Islamic financing in Malaysia was kick-started in 1983 when the Islamic Banking Act 1983, the country’s first law for Islamic banking, was passed. Islamic banking in Malaysia was introduced via “windows,“ which allowed conventional financial institutions to offer Shariah-compliant banking products and services. Unlike countries such as Qatar, where legislation now requires Islamic banks to be standalone, maintaining this policy supported the creation of a dynamic and competitive Islamic industry. The same year, a Sharia-compliant government Investment Act was introduced to allow the government to issue Sharia-compliant investment certificates, or sukuk, to facilitate the liquidity management of Islamic banks. Progressive liberalization, which allowed foreign institutions to obtain Islamic banking licenses, saw an increase of players in the industry; Malaysia now has 16 licenced Islamic banks, of which 6 are subsidiaries of foreign institutions. Today, Malaysia’s Islamic banking assets amount to $65.6 billion and the industry sees a robust average growth rate of around 18-20% annually.

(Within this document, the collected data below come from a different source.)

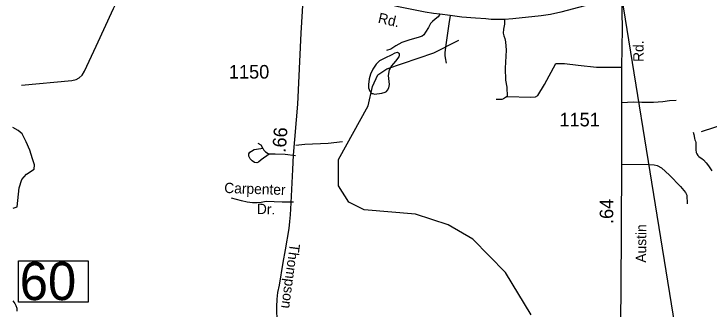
# Model space of a CAD drawing. Extents: x 2082433 to 2279600, y 546599 to 755198.
# Drawn here: x 2174911 to 2181315, y 598585 to 601301 of the extents above; entities that cross this region are included whole.
import ezdxf

# ---------------------------------------------------------------- set-up
doc = ezdxf.new("R2010")
doc.units = 0
for name, color, linetype in [('Exist Boundary Political Fire Districts', 7, 'Continuous'), ('Exist Hydrographic Creek Single Shore', 7, 'Continuous'), ('Exist Hydrographic Misc Water Feature', 7, 'Continuous'), ('Exist Hydrographic Pond Under 1500 Sq Ft', 7, 'Continuous'), ('Exist Road Non-System Type 51', 7, 'Continuous'), ('Exist Road Non-System Type 51 Label', 7, 'Continuous'), ('Exist Road Primary NC Structure Standard Bridge Number Label', 7, 'Continuous'), ('Exist Road Secondary Mileage Hundredths English Label', 7, 'Continuous'), ('Exist Road Secondary Type 51 Attributed', 7, 'Continuous'), ('Exist Road Secondary Type 51 Label', 7, 'Continuous'), ('Exist Road Secondary Type 51 Number Label', 7, 'Continuous')]:
    doc.layers.add(name, color=color, linetype=linetype)

msp = doc.modelspace()

# ---------------------------------------------------------------- linework, layer by layer
at = {"layer": 'Exist Boundary Political Fire Districts'}
msp.add_lwpolyline([(2181947.3, 592579.9), (2180509.9, 601464.6), (2180791.4, 606351.5)], dxfattribs=at)
at = {"layer": 'Exist Hydrographic Creek Single Shore'}
for points in [[(2179675.1, 598532.4), (2179439.9, 598920.9), (2179138.1, 599228.8), (2178912.1, 599361.3), (2178611.9, 599459.3), (2178137, 599498.4), (2177994.9, 599570.2), (2177902, 599719.7), (2177901, 599962.4), (2178172.9, 600455.6), (2178213.9, 600631.8), (2178262.9, 600739.1), (2178346, 600796.4), (2178779, 600941.9), (2179011, 601058.5)], [(2174901.3, 598662.1), (2174919.2, 598636.3), (2174929.2, 598618.1), (2174937.2, 598592.1), (2174937.6, 598566.2)]]:
    msp.add_lwpolyline(points, dxfattribs=at)
at = {"layer": 'Exist Hydrographic Misc Water Feature'}
for points in [[(2178233, 600563.9), (2178300.7, 600572.7), (2178331, 600580.7), (2178343.1, 600586.6), (2178352.8, 600599), (2178364.5, 600620.7), (2178372.2, 600652.8), (2178366.5, 600678.8), (2178362.2, 600734.6), (2178371.6, 600786.7), (2178393.4, 600824.8), (2178429.5, 600865.2), (2178460.6, 600907.5), (2178463.1, 600921.3), (2178462.9, 600933.1), (2178454.9, 600941.2), (2178444.4, 600945.2), (2178419.2, 600938.9), (2178386.8, 600920.7), (2178335.1, 600896.5), (2178279.4, 600870.4), (2178249.2, 600840.1), (2178217.6, 600793.7), (2178195.7, 600746), (2178182.4, 600703.8), (2178176.6, 600651.9), (2178178.7, 600620), (2178188.9, 600590.1), (2178198.8, 600578), (2178209, 600570), (2178218.9, 600568.1), (2178233, 600563.9)], [(2181167.7, 600213), (2181175.9, 600190.7), (2181178, 600175), (2181180.2, 600154.8), (2181184.1, 600142.8), (2181188.4, 600130.8), (2181192.5, 600118.9), (2181194.2, 600108.9), (2181192.5, 600090.9), (2181192.7, 600075), (2181192.7, 600049), (2181197, 600026.9), (2181201.1, 600014.9), (2181211.2, 599999.2), (2181221.4, 599989.2), (2181233.3, 599981.3), (2181247.3, 599971.4), (2181263.3, 599959.7), (2181287.5, 599931.7), (2181309.6, 599901.6), (2181339.8, 599858.1)]]:
    msp.add_lwpolyline(points, dxfattribs=at)
at = {"layer": 'Exist Hydrographic Pond Under 1500 Sq Ft'}
msp.add_lwpolyline([(2174903.4, 599514.6), (2174940.6, 599524.8), (2174960.9, 599700.5), (2174984.5, 599778.2), (2175028.5, 599825.5), (2175096.2, 599872.8), (2175099.6, 599913.4), (2175082.6, 599967.4), (2175059, 600048.6), (2175025.1, 600122.9), (2174987.9, 600197.2), (2174950.7, 600227.7), (2174900, 600254.7)], dxfattribs=at)
at = {"layer": 'Exist Road Non-System Type 51'}
for points in [[(2174981.7, 600645.6), (2175443.3, 600688.2), (2175483.3, 600696.4), (2175511.2, 600712.6), (2175541.1, 600736.6), (2175560.8, 600772.8), (2175669.5, 601005.4), (2175827.5, 601352.1), (2175845.3, 601382.1), (2175839.1, 601418.1), (2175840.4, 601536.1)], [(2178835.9, 601297.7), (2178819.4, 601275.7), (2178791.9, 601251.5), (2178767.7, 601230.6), (2178747.9, 601211.9), (2178729.2, 601176.7), (2178703.9, 601131.6), (2178686.3, 601108.5), (2178672, 601097.5), (2178633.5, 601083.2), (2178557.5, 601063.4), (2178486, 601039.1), (2178428.8, 601007.2), (2178383.7, 600977.5), (2178343, 600963.2)], [(2178929.4, 601286.7), (2178918.4, 601209.7), (2178890.9, 601016), (2178882.1, 600946.7), (2178881, 600919.2), (2178883.2, 600897.2), (2178893.1, 600848.8)], [(2179430, 601248.2), (2179430, 601205.3), (2179420.1, 601161.3), (2179419, 601125), (2179423.4, 601098.6), (2179433.3, 601073.3), (2179441, 601044.7), (2179444.3, 600967.6), (2179437.7, 600802.6), (2179439.9, 600690.4), (2179453.1, 600626.6), (2179455.3, 600539.6)], [(2179455.3, 600539.6), (2179672.1, 600535.2), (2179715, 600537.4), (2179737, 600549.5), (2179797.5, 600650.8), (2179903.1, 600843.3), (2179984.5, 600843.3), (2180110, 600830.1), (2180277.2, 600811.4), (2180460.9, 600811.4), (2180508.3, 600810.3)], [(2181243.8, 600219), (2182351.6, 600579), (2182395.4, 600593.3), (2182429.2, 600619.5), (2182459, 600651.6), (2182491, 600669.8), (2182552.7, 600696.1)], [(2179455.3, 600539.6), (2179439.9, 600533), (2179422.3, 600518.7), (2179404.7, 600513.2), (2179354.1, 600514.3)], [(2180509.3, 600484.5), (2180618.5, 600491.2), (2180694.1, 600490.2), (2180804.3, 600488.3), (2180889, 600495), (2180949.3, 600505.6), (2181012.5, 600507.5)], [(2177507.9, 600094), (2177590.4, 600104), (2177806.1, 600111.7), (2177937, 600128.2)], [(2177261.5, 600009.3), (2177188.9, 599957.6), (2177165.7, 599936.7), (2177149.2, 599931.2), (2177127.2, 599934.5), (2177105.2, 599947.7), (2177087.6, 599967.5), (2177075.5, 599992.8), (2177076.6, 600012.6), (2177085.4, 600029.1), (2177100.8, 600039), (2177125, 600052.2), (2177144.8, 600056.6), (2177204.3, 600066.5)], [(2177204.3, 600066.5), (2177187.8, 600091.8), (2177161.3, 600108.4)], [(2177204.3, 600066.5), (2177213.1, 600046.7), (2177229.6, 600031.3), (2177261.5, 600009.3)], [(2177505.7, 599996.1), (2177410, 600006), (2177316.5, 600011.5), (2177261.5, 600009.3)], [(2180509.3, 599919.5), (2180756.4, 599916.7), (2180810, 599913.8), (2180836.8, 599907.1), (2180877, 599884.1), (2180950.8, 599816.1), (2181051.8, 599713.7), (2181097.3, 599659.1), (2181108.8, 599634.2), (2181110.7, 599609.3), (2181111.6, 599577.7), (2181111.6, 599554.7)], [(2177487, 599568.1), (2177382.5, 599569.2), (2177234, 599573.6), (2177190, 599567), (2177151.4, 599563.7), (2177109.6, 599561.5), (2177059, 599568.1), (2177008.4, 599580.2), (2176916, 599604.4)]]:
    msp.add_lwpolyline(points, dxfattribs=at)
at = {"layer": 'Exist Road Primary NC Structure Standard Bridge Number Label'}
msp.add_lwpolyline([(2174951.9, 599030.3), (2175596, 599030.3), (2175596, 598648), (2174951.9, 598648)], close=True, dxfattribs=at)
at = {"layer": 'Exist Road Secondary Type 51 Attributed'}
for points in [[(2177444.1, 598138.1), (2177409.5, 598213.4), (2177384.9, 598266.7), (2177368.9, 598315.7), (2177350.2, 598386.8), (2177340.9, 598446), (2177335.4, 598508.2), (2177333.3, 598555.6), (2177332.5, 598605.5), (2177336.3, 598674.8), (2177343.1, 598736.2), (2177356.2, 598804.7), (2177391.7, 599014.5), (2177411.6, 599130), (2177446.3, 599327.1), (2177453.5, 599389.7), (2177459.8, 599451.9), (2177465.7, 599561.4), (2177480.1, 599870.2), (2177487.3, 600001.8), (2177525.5, 600471.4), (2177558.5, 601123.9), (2177576.1, 601431.9), (2177575, 601567.3)], [(2180170.5, 601375.8), (2179949.3, 601318.6), (2179853.6, 601296.6), (2179766.7, 601283.4), (2179508.6, 601256.1), (2179430, 601248.2), (2179350.9, 601250), (2179306.9, 601249.7), (2179258.2, 601255.1), (2179163.7, 601262.6), (2179036.6, 601272.5), (2178929.4, 601286.7), (2178835.9, 601297.7), (2178776.5, 601304.3), (2178699.5, 601316.4), (2178440, 601370.6), (2178080.5, 601462.4), (2177954.6, 601488), (2177655.4, 601555.2), (2177575, 601567.3)], [(2180507.7, 601466.4), (2180513.4, 601168.1), (2180508.3, 600810.3), (2180509.3, 600484.5), (2180509.3, 599919.5), (2180503.1, 598748.5), (2180496.4, 598269.7), (2180477.3, 598073.4)]]:
    msp.add_lwpolyline(points, dxfattribs=at)

# ---------------------------------------------------------------- texts
at = {"layer": 'Exist Road Non-System Type 51 Label'}
for s, p in [('Carpenter', (2176847.5, 599653.7)), ('Dr.', (2177147.6, 599460.8))]:
    msp.add_text(s, height=95, rotation=358.06869, dxfattribs=at).set_placement(p)
at = {"layer": 'Exist Road Primary NC Structure Standard Bridge Number Label'}
msp.add_text('60', height=350, dxfattribs=at).set_placement((2174964.5, 598667.8))
at = {"layer": 'Exist Road Secondary Mileage Hundredths English Label'}
for s, rotation, p in [('.66', 85.61532, (2177414, 600021.8)), ('.64', 89.57121, (2180431.4, 599367.4))]:
    msp.add_text(s, height=125, rotation=rotation, dxfattribs=at).set_placement(p)
at = {"layer": 'Exist Road Secondary Type 51 Label'}
for s, rotation, p in [('Rd.', 346.99998, (2178259.2, 601221.2)), ('Rd.', 89.97218, (2180711.1, 600859.2)), ('Austin', 89.57121, (2180734.5, 599011.6)), ('Thompson', 262.2759, (2177453.3, 599191.3))]:
    msp.add_text(s, height=95, rotation=rotation, dxfattribs=at).set_placement(p)
at = {"layer": 'Exist Road Secondary Type 51 Number Label'}
for s, p in [('1150', (2176891.5, 600706)), ('1151', (2179936.3, 600266))]:
    msp.add_text(s, height=125, dxfattribs=at).set_placement(p)

doc.saveas('drawing.dxf')

The role of Bank Negara Malaysia (BNM), the country’s central bank, has been crucial in establishing the right regulatory framework and creating an environment where the Islamic financial industry continues to flourish more than 30 years since its inception. In 1994, BNM introduced an Islamic Interbank Money Market (IIMM), which remains unique to Malaysia. “Malaysia has been distinct from the very beginning by having a strong public policy stance, and a mix of experimentation and development of a vision,“ explained Jaseem Ahmed, Secretary-General of the Islamic Financial Services Board (IFSB), a Kuala Lumpur-based organization set up to issue global standards to promote stability in the Islamic financial services industry.
Malaysia has also been particularly successful in other countries at addressing the challenges that prevent Islamic finance from competing with its conventional counterpart. One of the often-cited problems is a shortage of talent in the industry. To address this, in 2005, BNM set up the International Centre for Education in Islamic Finance (INCEIF), the world’s first international university dedicated solely to Islamic Finance. According to independent reports, 11% of the world’s accredited and referenced output on Islamic Finance comes from INCEIF and its related organization, the International Shari’ah Research Academy for Islamic Finance (ISRA).

Another global issue is the negative perception that surrounds Islamic finance. Unlike Turkey, which despite its dominant Muslim community refers to Islamic banking as participation banking, Malaysia has been able to market it as an alterative business model rather than a product targeted at Muslim consumers. According to Raja Teh, CEO of Chinese Malaysian-owned Hong Leong Islamic Banks (HLIB), half of HLIB’s customers are non-Muslims. “This clearly illustrates that the service is meant for everyone.“

Alongside a robust Islamic banking sector is a well-developed takaful industry in Malaysia. Its risk-sharing model is seen as an alternative to conventional insurance and hence appealing to non-Muslim Malaysian customers. A low penetration rate of around 14%, coupled with a large protection and savings gap, “shows that there is so much potential for the Takaful business,“ says Elmie Aman Najas, CEO, AIA Public Takaful.
Malaysia’s success in Islamic finance has made Malaysia the case study for those countries wishing to tap its growing potential. “Malaysia is clearly becoming the Islamic finance capital of the world,“ says Daud Vicary Abdullah, CEO of INCEIF. As countries increasingly turn to Malaysia to learn from its experience, the country assumes a growing role in exporting Islamic finance to the rest of the world. The UK, for example, has set up an advisory board on Islamic finance on which the IFSB sits, and organizations such as INCEIF are responsible for supplying a large pool of talent to the global Islamic finance industry each year. Sukuk issued both by the Malaysian government and Malaysian multinational firms is increasingly denominated in foreign currency, contributing to the internationalization of Islamic finance and creating liquidity in the global Islamic finance market.